Dear All,
I have been using the sequences and annotations for mouse from tophat website here and specifically the UCSC version mm10.
I see that the sequences (genome.fa) contains Chr1- Chr19, ChrX, ChrY and ChrM
... while the corresponding GTF file contains features for these random chromosome sequences such as Chr4_JH584294_random
.
I was trying to calculate rpkm
values for my alignment (tophat bam files
that used this genome sequences) using the GTF.
library(IRanges)
library(Rsamtools)
library(GenomicFeatures)
library(GenomicRanges)
aligns<- readBamGappedAlignments(filepath\accepted_hits.bam)`
txdb<-makeTranscriptDbFromGFF("genes.gtf", format="gtf",species="Mus musculus",dataSource="http://tophat.cbcb.umd.edu/igenomes.shtml")
exonRanges.gene<-exonsBy(txdb,"gene")`
seqlevels(aligns)
[1] "chr1" "chr10" "chr11" "chr12" "chr13" "chr14" "chr15" "chr16" "chr17" "chr18" "chr19" "chr2" "chr3" "chr4" "chr5" "chr6"
[17] "chr7" "chr8" "chr9" "chrM" "chrX" "chrY"
seqlevels(exonRanges.gene)
[1] "chr13" "chr9" "chr6" "chrX" "chr17"
[6] "chr2" "chr7" "chr18" "chr8" "chr4"
[11] "chr19" "chr5" "chr16" "chr11" "chr10"
[16] "chr14" "chr1" "chr3" "chr15" "chr12"
[21] "chrY" "chrX_GL456233_random" "chr5_JH584299_random" "chr5_JH584298_random" "chr4_GL456216_random"

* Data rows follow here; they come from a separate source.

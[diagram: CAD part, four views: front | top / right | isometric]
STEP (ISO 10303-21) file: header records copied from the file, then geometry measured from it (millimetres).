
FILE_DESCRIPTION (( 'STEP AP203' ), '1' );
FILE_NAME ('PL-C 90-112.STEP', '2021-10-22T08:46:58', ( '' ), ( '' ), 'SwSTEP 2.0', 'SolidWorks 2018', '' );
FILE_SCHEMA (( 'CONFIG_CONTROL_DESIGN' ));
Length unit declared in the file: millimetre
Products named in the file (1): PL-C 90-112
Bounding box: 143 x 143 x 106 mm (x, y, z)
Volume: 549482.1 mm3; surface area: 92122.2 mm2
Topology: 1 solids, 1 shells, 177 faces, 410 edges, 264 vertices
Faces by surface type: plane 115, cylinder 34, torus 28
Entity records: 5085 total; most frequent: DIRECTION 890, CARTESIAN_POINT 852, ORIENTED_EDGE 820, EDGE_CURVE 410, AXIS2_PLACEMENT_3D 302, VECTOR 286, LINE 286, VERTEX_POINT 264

[26] "chr4_GL456350_random" "chr4_JH584294_random" "chr4_JH584293_random" "chr5_GL456354_random" "chr7_GL456219_random"
[31] "chr5_JH584296_random" "chr5_JH584297_random" "chr4_JH584292_random" "chr1_GL456221_random" "chrUn_JH584304"
Because they have different Chromosomes (extra chrN_XXXXX_random
), I get the following error/warnings.
1: In .deduceExonRankings(exs, format = "gtf") :
Infering Exon Rankings. If this is not what you expected, then please be sure that you have provided a valid attribute for exonRankAttributeName
2: In matchCircularity(chroms, circ_seqs) :
None of the strings in your circ_seqs argument match your seqnames.
3: In .Seqinfo.mergexy(x, y) :
Each of the 2 combined objects has sequence levels not in the other:
- in 'x': chrX_GL456233_random, chr5_JH584299_random, chr5_JH584298_random, chr4_GL456216_random, chr4_GL456350_random, chr4_JH584294_random, chr4_JH584293_random, chr5_GL456354_random, chr7_GL456219_random, chr5_JH584296_random, chr5_JH584297_random, chr4_JH584292_random, chr1_GL456221_random, chrUn_JH584304
- in 'y': chrM
Make sure to always combine/compare objects based on the same reference
genome (use suppressWarnings() to suppress this warning).
I understand that this is due to conflict in Chromosomes and I can handle this by deleting the ChrN_XXXXXX_random
features from .gtf
file or by ` aligning to genome with these sequences. Is there any advantages or disadvantages (right/wrong) for the former or later.
Any other work around for this? additionally, I would like to know, if there is any genome/gtf build that can be downloaded which is coherent in these respects for mouse, rat and human genome. Thanks in advance!!
Thanks!! That sounds promising.. I should nevertheless try Ensembl Annotations!!